▶ **TASK OBJECTIVE**: Pull out each line of the data that includes the word "PredefinedType".

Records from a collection
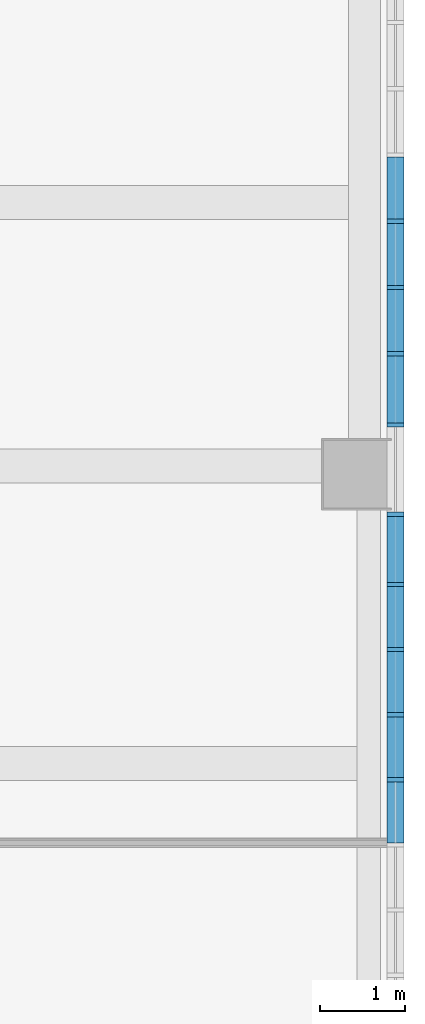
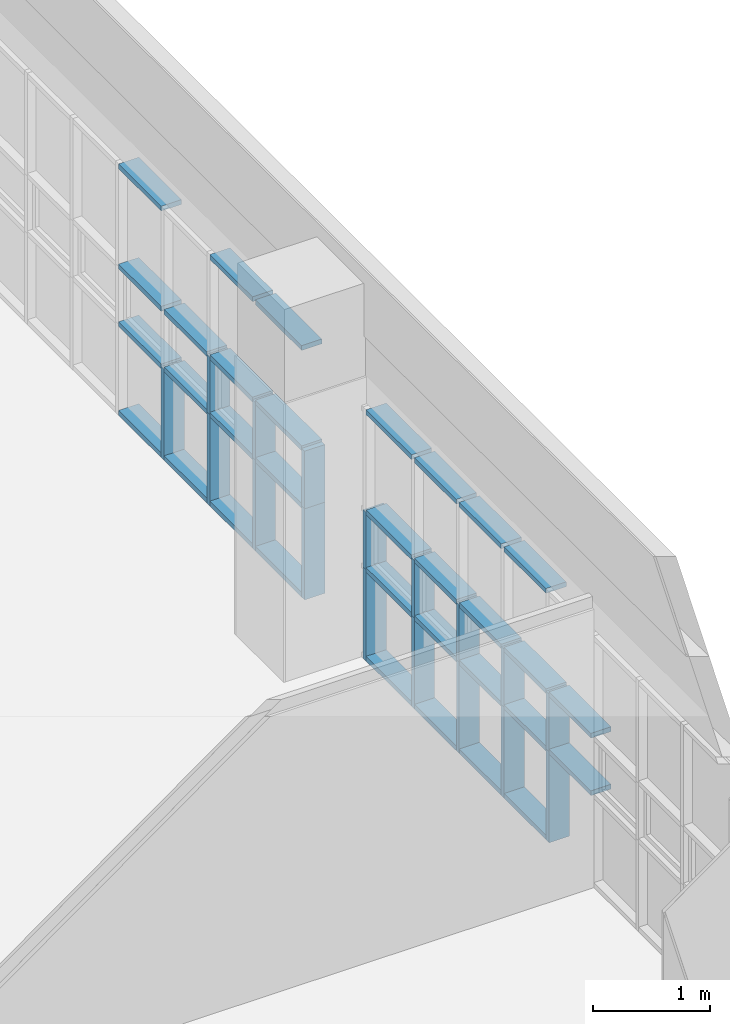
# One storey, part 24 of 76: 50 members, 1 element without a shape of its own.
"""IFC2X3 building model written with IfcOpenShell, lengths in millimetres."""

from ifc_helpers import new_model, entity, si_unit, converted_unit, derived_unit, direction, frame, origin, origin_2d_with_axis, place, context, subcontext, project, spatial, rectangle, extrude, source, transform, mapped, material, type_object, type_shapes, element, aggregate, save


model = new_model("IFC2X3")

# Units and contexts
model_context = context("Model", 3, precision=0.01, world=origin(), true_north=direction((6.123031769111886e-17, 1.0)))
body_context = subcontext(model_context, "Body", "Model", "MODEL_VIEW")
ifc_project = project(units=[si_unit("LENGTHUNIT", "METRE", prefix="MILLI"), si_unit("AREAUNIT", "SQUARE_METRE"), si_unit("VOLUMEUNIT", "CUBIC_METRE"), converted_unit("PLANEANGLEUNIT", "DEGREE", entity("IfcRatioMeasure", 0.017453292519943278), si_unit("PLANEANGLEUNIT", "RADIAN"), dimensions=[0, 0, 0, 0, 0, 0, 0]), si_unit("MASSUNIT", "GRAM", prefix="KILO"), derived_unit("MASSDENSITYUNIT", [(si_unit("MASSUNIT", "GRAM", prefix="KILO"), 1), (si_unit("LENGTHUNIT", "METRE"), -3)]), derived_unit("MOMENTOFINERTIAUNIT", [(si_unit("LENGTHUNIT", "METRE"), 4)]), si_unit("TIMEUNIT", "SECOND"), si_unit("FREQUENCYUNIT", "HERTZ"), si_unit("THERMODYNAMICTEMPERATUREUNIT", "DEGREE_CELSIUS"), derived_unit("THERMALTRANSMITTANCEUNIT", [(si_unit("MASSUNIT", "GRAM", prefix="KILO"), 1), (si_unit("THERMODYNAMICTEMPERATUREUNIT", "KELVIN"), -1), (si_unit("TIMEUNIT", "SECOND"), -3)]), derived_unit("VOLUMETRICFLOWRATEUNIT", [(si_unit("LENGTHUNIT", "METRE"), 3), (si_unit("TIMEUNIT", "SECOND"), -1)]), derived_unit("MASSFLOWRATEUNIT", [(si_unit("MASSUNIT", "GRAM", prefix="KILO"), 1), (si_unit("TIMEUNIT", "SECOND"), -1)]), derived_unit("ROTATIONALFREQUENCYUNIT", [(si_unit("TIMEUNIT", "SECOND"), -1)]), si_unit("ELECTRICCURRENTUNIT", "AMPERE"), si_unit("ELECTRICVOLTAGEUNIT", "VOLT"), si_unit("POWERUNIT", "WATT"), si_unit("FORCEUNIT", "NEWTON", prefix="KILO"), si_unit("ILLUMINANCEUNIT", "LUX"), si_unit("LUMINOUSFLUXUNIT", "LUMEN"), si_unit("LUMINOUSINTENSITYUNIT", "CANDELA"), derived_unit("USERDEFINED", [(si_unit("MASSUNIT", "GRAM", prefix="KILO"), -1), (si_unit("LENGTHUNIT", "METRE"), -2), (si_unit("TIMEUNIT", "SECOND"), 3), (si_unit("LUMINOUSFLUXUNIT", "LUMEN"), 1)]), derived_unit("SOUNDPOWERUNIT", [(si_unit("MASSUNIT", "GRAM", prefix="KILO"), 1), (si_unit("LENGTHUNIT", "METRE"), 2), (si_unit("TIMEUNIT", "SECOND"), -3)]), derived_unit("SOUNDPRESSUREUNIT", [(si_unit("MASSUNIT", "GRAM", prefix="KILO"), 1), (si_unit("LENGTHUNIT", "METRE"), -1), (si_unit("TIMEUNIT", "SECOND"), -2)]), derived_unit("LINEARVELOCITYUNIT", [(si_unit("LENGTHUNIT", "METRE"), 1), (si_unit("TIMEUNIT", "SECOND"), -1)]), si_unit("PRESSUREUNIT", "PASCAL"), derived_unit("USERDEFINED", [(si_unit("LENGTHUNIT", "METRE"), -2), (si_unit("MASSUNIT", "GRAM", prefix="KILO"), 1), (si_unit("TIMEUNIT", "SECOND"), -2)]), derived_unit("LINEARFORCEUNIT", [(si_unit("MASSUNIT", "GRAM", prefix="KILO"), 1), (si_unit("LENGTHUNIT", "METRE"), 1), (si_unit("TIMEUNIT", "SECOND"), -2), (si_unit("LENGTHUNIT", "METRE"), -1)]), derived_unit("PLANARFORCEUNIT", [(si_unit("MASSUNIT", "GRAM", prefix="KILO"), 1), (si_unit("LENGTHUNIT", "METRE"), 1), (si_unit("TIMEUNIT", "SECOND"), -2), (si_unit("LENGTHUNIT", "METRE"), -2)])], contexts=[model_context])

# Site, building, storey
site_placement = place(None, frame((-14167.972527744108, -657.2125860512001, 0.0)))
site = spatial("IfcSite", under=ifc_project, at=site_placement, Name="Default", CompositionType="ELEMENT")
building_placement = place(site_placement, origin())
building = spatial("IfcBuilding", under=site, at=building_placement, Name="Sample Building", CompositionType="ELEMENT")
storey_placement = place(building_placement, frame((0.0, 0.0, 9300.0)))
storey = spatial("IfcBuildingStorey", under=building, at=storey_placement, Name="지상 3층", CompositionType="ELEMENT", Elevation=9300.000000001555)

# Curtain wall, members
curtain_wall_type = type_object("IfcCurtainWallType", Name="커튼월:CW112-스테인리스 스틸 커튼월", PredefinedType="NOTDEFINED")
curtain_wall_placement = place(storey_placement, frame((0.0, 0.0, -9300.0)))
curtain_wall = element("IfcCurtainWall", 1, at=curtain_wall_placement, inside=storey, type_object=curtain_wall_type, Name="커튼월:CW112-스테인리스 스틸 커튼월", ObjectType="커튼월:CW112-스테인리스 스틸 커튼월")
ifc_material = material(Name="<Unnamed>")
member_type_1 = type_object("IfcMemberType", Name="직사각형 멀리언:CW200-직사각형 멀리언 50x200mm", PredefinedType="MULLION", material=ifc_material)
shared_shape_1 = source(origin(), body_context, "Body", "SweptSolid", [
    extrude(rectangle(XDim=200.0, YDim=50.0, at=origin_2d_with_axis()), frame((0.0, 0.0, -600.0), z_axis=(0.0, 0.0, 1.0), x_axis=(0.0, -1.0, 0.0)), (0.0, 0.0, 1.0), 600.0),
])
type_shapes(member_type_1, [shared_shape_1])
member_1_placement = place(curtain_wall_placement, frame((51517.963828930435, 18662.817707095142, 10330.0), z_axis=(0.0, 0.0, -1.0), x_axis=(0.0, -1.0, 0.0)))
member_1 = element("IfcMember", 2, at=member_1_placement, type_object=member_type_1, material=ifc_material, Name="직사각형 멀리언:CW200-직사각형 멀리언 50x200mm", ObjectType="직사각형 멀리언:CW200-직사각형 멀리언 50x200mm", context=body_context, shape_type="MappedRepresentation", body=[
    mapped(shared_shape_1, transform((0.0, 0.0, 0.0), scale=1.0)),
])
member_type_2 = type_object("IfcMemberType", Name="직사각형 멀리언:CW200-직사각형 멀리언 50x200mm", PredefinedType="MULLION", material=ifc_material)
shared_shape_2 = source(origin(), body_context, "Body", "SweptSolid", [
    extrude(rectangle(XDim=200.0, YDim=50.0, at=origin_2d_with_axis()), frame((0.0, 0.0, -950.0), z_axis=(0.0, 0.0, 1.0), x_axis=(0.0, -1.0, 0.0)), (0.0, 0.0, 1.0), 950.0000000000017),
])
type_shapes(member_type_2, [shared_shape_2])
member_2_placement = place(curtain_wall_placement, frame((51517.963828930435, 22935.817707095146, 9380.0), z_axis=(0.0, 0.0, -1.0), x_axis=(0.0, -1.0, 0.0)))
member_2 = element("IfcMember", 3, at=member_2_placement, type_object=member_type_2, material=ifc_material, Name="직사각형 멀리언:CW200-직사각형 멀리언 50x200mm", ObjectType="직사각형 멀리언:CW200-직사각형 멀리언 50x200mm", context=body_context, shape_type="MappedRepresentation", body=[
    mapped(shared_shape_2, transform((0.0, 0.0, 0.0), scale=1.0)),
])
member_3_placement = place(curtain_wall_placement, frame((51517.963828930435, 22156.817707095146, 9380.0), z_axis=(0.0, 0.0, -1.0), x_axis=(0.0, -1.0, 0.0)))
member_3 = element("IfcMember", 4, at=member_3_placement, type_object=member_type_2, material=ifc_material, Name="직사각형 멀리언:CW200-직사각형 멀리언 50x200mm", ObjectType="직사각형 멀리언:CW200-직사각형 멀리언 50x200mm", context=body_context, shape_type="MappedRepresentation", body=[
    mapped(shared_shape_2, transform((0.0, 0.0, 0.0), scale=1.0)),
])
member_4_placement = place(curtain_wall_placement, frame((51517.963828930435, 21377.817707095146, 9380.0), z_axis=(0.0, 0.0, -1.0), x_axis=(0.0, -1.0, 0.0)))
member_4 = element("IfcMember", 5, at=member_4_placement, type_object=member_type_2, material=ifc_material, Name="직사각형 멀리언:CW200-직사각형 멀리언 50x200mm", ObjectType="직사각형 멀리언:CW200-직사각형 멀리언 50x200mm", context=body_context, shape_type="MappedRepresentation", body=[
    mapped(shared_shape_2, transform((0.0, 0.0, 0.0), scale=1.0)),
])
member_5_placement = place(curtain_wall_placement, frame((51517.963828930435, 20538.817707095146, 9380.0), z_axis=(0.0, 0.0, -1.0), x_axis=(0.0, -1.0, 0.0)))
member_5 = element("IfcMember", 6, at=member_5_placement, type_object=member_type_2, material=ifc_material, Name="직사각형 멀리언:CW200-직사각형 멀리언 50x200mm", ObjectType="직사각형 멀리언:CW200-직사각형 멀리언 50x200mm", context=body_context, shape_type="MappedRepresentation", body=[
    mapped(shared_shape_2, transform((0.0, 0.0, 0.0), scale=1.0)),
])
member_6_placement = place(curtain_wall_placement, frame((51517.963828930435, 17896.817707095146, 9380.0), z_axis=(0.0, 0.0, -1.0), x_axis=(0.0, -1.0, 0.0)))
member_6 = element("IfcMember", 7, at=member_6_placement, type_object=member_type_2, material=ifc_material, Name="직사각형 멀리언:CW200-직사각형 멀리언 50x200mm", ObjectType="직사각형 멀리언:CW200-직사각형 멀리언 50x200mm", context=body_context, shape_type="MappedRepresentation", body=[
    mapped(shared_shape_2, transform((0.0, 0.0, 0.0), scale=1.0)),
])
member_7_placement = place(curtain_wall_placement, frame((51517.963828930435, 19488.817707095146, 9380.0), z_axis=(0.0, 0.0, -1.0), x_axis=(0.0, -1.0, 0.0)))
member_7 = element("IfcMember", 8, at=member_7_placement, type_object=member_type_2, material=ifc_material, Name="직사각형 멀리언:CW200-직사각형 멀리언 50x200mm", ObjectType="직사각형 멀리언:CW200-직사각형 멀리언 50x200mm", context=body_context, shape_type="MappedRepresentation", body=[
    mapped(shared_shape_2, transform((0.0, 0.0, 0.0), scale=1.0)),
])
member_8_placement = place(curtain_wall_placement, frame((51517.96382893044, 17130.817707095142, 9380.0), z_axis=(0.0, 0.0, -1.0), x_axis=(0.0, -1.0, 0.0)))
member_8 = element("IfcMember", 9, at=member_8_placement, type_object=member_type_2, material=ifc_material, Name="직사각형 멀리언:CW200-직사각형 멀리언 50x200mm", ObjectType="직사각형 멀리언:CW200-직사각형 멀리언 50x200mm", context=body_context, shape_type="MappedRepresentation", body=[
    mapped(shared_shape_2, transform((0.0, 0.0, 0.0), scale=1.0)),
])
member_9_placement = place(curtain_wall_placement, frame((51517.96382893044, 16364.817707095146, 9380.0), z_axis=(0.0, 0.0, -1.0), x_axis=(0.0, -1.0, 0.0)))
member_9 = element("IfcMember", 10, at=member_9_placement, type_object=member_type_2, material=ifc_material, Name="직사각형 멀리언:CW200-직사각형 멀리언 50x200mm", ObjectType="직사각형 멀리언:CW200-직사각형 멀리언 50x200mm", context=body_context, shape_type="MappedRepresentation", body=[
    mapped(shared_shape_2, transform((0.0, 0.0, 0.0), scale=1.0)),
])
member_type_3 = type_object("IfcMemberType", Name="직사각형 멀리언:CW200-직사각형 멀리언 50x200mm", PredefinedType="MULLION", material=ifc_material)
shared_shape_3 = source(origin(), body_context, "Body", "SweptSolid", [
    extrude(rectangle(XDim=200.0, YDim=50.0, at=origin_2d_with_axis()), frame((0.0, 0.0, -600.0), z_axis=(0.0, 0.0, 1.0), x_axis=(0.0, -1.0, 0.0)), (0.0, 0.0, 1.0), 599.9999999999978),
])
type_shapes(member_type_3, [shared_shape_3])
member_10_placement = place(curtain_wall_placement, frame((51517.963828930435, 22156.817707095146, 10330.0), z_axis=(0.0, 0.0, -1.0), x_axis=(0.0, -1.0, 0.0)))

▶ **EXERCISE RESULT**:
curtain_wall_type = type_object("IfcCurtainWallType", Name="커튼월:CW112-스테인리스 스틸 커튼월", PredefinedType="NOTDEFINED")
member_type_1 = type_object("IfcMemberType", Name="직사각형 멀리언:CW200-직사각형 멀리언 50x200mm", PredefinedType="MULLION", material=ifc_material)
member_type_2 = type_object("IfcMemberType", Name="직사각형 멀리언:CW200-직사각형 멀리언 50x200mm", PredefinedType="MULLION", material=ifc_material)
member_type_3 = type_object("IfcMemberType", Name="직사각형 멀리언:CW200-직사각형 멀리언 50x200mm", PredefinedType="MULLION", material=ifc_material)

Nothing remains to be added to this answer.